One piece of PVC pipe is to be inserted inside another piece. The length of the first piece is normally distributed with mean value \(20 \mathrm{in}\). and standard deviation \(5 \mathrm{in}\). The length of the second piece is a normal rv with mean and standard deviation \(15 \mathrm{in}\). and \(.4 \mathrm{in}\)., respectively. The amount of overlap is normally distributed with mean value 1 in. and standard deviation \(1 \mathrm{in}\). Assuming that the lengths and amount of overlap are independent of one another, what is the probability that the total length after insertion is between \(34.5 \mathrm{in}\). and 35 in.?

Short Answer

Expert verified
The probability is approximately 0.038.

Step by step solution

01

Define the Random Variables

Let's designate the length of the first piece of PVC pipe as \(L_1\) and the length of the second piece as \(L_2\).
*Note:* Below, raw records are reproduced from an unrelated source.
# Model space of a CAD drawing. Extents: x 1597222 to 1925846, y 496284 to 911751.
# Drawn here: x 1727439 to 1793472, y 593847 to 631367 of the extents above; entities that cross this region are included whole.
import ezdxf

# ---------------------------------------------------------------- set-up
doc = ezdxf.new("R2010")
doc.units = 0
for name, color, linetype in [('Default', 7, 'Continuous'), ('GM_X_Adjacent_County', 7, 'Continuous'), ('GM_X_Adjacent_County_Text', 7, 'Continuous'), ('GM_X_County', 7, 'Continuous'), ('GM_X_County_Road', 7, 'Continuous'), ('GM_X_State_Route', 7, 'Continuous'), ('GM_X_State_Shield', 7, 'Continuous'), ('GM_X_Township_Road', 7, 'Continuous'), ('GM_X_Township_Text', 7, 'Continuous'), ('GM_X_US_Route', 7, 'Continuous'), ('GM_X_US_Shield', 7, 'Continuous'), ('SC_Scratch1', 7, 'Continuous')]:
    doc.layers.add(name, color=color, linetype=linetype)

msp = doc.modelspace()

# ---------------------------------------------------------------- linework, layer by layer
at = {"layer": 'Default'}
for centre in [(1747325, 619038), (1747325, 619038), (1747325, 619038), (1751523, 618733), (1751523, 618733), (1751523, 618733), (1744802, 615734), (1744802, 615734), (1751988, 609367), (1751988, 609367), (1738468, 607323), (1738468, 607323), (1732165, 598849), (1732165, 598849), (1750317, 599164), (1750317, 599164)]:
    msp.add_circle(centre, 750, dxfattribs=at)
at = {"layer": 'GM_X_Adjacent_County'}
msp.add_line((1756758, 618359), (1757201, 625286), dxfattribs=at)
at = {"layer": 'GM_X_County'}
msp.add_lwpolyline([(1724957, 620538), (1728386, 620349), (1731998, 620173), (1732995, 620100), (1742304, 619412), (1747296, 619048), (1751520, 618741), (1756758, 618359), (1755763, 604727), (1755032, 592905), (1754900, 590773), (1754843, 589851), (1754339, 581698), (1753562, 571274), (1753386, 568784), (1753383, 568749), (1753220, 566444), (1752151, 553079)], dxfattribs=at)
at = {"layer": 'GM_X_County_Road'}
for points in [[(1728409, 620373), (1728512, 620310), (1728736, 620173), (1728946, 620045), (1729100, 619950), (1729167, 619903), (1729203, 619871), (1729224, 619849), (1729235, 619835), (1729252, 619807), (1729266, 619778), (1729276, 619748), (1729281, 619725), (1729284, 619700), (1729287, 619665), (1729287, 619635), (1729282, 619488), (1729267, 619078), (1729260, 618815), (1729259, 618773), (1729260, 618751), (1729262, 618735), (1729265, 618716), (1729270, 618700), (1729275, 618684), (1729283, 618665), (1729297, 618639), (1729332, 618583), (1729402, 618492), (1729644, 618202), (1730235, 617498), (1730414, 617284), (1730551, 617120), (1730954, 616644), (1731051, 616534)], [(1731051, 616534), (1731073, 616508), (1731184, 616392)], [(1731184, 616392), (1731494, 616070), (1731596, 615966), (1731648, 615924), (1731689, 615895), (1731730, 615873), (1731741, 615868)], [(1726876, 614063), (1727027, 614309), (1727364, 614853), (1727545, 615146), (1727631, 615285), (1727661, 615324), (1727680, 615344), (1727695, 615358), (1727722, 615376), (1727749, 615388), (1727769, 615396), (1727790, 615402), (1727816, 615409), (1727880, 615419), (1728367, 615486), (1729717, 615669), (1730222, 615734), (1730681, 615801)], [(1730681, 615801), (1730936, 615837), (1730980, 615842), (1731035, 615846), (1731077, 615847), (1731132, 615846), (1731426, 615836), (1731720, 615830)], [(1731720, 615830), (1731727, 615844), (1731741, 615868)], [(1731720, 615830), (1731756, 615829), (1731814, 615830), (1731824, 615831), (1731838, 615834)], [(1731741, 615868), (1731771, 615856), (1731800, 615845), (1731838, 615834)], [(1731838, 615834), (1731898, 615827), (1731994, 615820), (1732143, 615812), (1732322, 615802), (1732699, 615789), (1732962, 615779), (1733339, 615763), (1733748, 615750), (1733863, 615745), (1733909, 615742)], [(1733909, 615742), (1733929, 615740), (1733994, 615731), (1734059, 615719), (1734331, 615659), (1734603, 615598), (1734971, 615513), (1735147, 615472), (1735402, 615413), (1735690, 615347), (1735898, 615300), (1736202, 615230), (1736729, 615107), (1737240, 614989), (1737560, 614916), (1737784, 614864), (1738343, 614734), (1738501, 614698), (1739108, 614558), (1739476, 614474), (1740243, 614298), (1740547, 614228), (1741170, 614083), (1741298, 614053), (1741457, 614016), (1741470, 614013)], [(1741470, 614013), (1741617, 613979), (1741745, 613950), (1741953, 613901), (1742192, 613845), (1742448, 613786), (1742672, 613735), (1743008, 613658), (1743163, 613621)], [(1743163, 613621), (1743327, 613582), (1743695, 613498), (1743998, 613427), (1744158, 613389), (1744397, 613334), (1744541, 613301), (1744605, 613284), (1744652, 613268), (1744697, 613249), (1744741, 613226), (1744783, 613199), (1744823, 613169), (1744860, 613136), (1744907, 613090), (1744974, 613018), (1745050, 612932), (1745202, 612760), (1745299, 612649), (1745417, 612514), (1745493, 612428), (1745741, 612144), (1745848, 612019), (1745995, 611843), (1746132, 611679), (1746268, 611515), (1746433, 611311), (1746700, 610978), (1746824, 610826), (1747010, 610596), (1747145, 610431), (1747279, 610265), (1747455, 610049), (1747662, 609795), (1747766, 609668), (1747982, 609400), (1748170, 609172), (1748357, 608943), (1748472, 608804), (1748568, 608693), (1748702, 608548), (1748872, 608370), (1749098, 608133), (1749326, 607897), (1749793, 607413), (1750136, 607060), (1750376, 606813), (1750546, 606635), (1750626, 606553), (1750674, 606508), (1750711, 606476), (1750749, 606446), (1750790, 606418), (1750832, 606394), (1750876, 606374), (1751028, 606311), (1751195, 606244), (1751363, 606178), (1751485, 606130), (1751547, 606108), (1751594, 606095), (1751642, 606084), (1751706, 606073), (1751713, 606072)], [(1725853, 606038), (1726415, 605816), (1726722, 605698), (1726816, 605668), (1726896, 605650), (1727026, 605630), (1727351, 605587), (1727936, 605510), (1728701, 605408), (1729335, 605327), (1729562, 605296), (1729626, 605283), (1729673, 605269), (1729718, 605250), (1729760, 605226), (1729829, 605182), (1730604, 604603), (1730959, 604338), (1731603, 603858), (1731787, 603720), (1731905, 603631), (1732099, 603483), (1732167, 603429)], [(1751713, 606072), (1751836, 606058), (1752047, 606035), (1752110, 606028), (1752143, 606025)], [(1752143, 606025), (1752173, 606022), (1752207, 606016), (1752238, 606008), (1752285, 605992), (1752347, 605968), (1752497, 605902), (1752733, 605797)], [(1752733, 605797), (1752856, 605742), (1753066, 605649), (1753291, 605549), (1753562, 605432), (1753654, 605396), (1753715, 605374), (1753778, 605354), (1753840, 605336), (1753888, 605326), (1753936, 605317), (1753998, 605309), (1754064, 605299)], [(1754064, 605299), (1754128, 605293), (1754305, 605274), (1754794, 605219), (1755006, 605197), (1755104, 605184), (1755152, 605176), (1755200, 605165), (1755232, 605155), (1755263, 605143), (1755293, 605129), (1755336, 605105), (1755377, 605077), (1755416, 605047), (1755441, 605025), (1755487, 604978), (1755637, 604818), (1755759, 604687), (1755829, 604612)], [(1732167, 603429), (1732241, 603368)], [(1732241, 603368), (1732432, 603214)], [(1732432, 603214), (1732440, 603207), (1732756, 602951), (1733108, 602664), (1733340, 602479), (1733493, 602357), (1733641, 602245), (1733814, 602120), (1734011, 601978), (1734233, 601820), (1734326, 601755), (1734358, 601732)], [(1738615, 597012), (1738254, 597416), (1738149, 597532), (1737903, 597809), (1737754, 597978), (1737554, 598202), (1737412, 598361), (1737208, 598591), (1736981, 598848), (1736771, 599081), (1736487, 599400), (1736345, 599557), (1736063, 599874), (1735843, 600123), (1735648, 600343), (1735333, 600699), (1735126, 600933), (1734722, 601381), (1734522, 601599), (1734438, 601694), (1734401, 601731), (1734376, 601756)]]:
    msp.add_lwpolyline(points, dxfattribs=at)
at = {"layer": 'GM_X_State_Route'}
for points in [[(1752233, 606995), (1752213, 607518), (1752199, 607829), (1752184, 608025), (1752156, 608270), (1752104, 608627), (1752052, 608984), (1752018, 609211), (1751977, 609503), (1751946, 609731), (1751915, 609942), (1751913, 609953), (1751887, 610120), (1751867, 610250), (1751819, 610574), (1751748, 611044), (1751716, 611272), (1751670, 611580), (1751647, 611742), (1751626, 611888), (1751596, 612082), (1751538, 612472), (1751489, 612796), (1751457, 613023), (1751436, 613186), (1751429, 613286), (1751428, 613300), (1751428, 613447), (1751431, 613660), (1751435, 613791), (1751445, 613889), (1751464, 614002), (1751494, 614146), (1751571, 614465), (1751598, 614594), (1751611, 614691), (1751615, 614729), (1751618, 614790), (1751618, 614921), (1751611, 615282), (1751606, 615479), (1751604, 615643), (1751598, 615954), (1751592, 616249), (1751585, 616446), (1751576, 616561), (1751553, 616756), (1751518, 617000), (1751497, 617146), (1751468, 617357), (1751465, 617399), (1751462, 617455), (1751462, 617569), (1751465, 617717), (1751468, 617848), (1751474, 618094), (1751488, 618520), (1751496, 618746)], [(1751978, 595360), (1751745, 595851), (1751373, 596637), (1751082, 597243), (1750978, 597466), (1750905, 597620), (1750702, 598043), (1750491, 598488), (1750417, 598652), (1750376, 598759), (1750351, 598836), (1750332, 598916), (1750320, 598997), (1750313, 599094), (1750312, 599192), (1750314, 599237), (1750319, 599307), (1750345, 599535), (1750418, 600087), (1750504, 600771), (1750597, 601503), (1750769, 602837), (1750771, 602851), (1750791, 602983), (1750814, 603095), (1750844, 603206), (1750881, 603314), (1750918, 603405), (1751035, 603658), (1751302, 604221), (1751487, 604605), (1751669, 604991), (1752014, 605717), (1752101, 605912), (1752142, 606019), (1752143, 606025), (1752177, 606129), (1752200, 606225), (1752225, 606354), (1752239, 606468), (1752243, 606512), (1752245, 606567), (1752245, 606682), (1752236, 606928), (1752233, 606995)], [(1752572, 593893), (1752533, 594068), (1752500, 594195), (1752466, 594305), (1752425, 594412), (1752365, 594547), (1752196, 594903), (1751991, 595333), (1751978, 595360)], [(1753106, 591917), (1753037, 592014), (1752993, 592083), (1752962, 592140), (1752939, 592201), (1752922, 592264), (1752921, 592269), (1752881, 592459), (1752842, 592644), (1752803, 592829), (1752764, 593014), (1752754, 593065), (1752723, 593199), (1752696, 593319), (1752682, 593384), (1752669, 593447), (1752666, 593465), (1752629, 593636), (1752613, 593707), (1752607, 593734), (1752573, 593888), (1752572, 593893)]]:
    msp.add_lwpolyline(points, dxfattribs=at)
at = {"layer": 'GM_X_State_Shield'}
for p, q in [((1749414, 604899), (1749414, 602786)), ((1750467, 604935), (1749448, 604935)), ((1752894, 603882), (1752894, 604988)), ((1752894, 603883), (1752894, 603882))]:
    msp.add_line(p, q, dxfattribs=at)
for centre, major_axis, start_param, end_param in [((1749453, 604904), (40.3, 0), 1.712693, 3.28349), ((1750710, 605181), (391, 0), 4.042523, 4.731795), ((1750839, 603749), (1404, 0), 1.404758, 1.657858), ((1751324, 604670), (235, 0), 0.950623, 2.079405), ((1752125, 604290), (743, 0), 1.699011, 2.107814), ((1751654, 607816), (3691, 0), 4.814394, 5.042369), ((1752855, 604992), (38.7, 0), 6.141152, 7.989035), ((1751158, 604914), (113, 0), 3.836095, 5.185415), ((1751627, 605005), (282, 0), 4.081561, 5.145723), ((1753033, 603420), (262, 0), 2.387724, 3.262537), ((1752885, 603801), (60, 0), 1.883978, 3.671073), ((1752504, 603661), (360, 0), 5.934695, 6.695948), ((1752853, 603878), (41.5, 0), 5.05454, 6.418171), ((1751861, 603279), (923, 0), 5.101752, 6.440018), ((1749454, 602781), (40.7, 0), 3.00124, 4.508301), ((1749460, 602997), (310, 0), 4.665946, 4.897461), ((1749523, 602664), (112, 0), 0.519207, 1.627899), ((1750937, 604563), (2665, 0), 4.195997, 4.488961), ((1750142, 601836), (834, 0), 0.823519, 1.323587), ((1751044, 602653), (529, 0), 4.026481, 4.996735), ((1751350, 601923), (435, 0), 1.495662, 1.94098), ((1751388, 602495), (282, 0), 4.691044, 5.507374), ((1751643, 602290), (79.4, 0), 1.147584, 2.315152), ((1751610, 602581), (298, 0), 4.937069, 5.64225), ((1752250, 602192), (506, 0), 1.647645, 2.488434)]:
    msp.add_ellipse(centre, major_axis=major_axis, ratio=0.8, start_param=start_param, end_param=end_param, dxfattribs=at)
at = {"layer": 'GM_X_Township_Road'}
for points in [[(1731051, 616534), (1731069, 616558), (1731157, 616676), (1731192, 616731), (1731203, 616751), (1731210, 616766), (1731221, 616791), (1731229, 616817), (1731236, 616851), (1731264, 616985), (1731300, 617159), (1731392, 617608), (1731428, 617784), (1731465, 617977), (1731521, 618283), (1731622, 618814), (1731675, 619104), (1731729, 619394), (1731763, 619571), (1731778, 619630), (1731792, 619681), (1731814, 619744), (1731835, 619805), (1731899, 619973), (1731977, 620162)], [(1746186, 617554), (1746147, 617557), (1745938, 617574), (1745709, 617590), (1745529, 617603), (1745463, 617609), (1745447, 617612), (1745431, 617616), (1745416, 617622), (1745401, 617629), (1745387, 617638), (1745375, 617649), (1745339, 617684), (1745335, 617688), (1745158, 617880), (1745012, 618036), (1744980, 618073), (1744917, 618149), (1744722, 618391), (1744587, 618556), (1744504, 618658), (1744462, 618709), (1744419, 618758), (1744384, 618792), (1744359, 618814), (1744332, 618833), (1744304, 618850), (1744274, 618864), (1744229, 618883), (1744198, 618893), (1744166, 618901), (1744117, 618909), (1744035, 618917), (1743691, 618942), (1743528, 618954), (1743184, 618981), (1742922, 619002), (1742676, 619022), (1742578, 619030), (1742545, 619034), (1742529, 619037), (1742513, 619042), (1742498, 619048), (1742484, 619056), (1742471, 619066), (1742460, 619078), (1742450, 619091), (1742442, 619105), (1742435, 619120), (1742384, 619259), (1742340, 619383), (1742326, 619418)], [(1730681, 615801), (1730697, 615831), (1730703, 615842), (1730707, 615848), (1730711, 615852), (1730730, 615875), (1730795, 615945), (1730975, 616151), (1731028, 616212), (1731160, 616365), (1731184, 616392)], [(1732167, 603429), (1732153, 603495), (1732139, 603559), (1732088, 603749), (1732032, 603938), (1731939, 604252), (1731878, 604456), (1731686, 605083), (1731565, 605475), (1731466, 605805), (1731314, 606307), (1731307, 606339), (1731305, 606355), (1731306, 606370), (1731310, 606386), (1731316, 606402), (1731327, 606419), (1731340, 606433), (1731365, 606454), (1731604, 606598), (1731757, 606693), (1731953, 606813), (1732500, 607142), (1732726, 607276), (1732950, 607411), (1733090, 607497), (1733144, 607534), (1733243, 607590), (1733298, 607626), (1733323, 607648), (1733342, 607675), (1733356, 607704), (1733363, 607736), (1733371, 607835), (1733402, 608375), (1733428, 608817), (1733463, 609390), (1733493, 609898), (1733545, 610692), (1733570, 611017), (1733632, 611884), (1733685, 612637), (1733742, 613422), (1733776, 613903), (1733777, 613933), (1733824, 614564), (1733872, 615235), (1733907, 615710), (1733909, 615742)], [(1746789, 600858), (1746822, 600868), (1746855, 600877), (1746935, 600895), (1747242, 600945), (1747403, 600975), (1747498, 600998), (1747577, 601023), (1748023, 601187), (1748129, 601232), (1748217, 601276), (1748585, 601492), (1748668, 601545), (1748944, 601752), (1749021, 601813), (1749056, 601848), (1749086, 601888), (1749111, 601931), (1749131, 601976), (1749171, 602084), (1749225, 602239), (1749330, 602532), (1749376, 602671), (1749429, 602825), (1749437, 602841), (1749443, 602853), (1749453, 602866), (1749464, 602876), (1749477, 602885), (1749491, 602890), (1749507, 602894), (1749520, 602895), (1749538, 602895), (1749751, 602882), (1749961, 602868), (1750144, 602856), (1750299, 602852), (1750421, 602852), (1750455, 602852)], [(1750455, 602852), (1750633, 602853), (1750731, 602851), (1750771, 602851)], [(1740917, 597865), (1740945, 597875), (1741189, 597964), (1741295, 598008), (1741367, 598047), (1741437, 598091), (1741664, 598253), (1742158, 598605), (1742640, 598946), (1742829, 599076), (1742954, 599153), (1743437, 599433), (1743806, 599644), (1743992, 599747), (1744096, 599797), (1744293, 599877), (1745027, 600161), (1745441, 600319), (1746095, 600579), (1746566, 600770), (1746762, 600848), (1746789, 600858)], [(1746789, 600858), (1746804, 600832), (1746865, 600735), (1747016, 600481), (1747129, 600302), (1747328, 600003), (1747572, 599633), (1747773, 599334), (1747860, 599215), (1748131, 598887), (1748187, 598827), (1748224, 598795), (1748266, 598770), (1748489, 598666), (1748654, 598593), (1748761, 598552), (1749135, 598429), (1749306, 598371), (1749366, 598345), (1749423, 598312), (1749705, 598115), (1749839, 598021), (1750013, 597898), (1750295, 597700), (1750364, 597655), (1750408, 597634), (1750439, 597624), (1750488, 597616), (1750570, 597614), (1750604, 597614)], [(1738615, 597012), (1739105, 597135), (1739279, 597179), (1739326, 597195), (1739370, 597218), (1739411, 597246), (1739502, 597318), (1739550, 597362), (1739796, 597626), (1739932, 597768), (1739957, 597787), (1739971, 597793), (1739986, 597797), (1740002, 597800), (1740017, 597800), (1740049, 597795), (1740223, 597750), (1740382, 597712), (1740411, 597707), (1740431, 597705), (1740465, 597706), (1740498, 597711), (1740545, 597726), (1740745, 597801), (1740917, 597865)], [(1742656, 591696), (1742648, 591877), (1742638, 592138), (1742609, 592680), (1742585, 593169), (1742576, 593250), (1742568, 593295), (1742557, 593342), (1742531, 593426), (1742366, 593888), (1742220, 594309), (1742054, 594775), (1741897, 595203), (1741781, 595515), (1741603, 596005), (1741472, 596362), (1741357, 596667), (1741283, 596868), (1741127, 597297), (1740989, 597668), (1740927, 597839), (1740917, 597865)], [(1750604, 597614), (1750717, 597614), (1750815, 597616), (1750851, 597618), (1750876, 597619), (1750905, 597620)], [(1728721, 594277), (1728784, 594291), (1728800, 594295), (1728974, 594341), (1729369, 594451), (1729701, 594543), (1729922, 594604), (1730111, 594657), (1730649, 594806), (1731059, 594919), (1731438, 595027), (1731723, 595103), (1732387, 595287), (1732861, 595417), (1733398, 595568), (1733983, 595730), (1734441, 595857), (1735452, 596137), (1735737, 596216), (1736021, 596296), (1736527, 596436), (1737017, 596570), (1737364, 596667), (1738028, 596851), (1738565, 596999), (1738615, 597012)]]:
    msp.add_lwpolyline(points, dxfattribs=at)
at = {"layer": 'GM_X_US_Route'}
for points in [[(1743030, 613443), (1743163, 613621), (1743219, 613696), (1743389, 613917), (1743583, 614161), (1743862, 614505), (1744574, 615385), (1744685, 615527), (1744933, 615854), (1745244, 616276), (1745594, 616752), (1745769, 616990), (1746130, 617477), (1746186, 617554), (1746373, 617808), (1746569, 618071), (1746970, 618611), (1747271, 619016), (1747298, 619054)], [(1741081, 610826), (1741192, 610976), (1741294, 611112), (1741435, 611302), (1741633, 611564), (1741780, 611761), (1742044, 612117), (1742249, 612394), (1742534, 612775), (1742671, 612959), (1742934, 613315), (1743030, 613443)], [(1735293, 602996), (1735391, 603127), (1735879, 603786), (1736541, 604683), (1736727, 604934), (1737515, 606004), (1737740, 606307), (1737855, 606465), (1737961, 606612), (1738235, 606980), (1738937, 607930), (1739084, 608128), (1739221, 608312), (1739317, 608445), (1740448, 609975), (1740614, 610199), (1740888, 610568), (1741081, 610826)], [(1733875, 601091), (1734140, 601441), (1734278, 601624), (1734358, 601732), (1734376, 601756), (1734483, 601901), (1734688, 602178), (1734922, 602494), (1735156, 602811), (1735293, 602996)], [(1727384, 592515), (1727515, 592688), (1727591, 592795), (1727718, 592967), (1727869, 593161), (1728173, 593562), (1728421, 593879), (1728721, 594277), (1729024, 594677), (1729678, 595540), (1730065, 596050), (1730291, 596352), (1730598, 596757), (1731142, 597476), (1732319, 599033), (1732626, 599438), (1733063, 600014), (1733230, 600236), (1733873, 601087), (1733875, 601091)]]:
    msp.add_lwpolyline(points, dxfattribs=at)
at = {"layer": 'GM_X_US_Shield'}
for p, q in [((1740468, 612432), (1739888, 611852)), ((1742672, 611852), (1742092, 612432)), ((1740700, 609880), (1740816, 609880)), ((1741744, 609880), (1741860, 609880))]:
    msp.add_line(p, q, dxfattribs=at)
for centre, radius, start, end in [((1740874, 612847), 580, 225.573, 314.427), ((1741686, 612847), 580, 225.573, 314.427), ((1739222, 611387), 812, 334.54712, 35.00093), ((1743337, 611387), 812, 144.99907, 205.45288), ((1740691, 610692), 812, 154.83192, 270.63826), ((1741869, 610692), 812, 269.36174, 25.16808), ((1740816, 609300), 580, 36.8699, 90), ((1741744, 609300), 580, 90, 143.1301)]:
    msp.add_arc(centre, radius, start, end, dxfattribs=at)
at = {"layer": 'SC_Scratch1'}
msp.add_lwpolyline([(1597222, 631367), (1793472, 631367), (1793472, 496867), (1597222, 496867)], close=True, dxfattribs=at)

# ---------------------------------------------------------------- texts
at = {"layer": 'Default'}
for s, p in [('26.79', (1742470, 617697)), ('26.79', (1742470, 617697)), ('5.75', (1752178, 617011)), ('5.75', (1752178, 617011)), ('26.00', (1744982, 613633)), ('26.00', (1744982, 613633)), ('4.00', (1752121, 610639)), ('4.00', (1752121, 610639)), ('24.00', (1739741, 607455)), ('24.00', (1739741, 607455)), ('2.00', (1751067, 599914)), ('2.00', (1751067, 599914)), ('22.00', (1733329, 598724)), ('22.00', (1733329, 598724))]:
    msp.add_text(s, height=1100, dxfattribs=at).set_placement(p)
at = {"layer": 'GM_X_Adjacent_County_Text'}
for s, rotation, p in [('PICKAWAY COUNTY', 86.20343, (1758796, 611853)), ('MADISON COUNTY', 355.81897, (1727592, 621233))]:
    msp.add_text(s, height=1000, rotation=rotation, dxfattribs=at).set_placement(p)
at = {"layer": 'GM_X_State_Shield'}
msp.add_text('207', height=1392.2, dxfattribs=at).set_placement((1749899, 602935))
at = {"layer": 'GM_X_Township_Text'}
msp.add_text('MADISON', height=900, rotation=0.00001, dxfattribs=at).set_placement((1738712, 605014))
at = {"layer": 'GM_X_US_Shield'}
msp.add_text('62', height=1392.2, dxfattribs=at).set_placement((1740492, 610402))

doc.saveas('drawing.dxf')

The overlap is denoted by \(O\). Then, \(L_1 \sim N(20, 5^2)\) and \(L_2 \sim N(15, 0.4^2)\), and \(O \sim N(1, 1^2)\).
02

Determine the Total Length RV

The total length after insertion, \(T\), is given by \(T = L_1 + L_2 - O\). Since the lengths and overlap are independent, the distribution of \(T\) is also normal. The mean is \(\mu_T = \mu_1 + \mu_2 - \mu_O = 20 + 15 - 1 = 34\).
03

Calculate the Standard Deviation of Total Length

For the standard deviation of \(T\), we use the formula for the sum of independent random variables: \(\sigma_T = \sqrt{\sigma_1^2 + \sigma_2^2 + \sigma_O^2} = \sqrt{5^2 + 0.4^2 + 1^2} = \sqrt{26.16} \approx 5.115\).
04

Calculate the Z-scores

To find the probability that \(34.5 \leq T \leq 35\), calculate the z-scores for 34.5 and 35: \(z_{34.5} = \frac{34.5 - 34}{\sigma_T} = \frac{34.5 - 34}{5.115} \approx 0.0978\)\(z_{35} = \frac{35 - 34}{\sigma_T} = \frac{35 - 34}{5.115} \approx 0.1956\).
05

Find the Probability

Using a standard normal distribution table, find the probabilities for the z-scores:\(P(Z < 0.0978) \approx 0.5390\)\(P(Z < 0.1956) \approx 0.5770\).Thus, the probability that \(34.5 \leq T \leq 35\) is \(P(34.5 \leq T \leq 35) = P(Z < 0.1956) - P(Z < 0.0978) = 0.5770 - 0.5390 = 0.038\).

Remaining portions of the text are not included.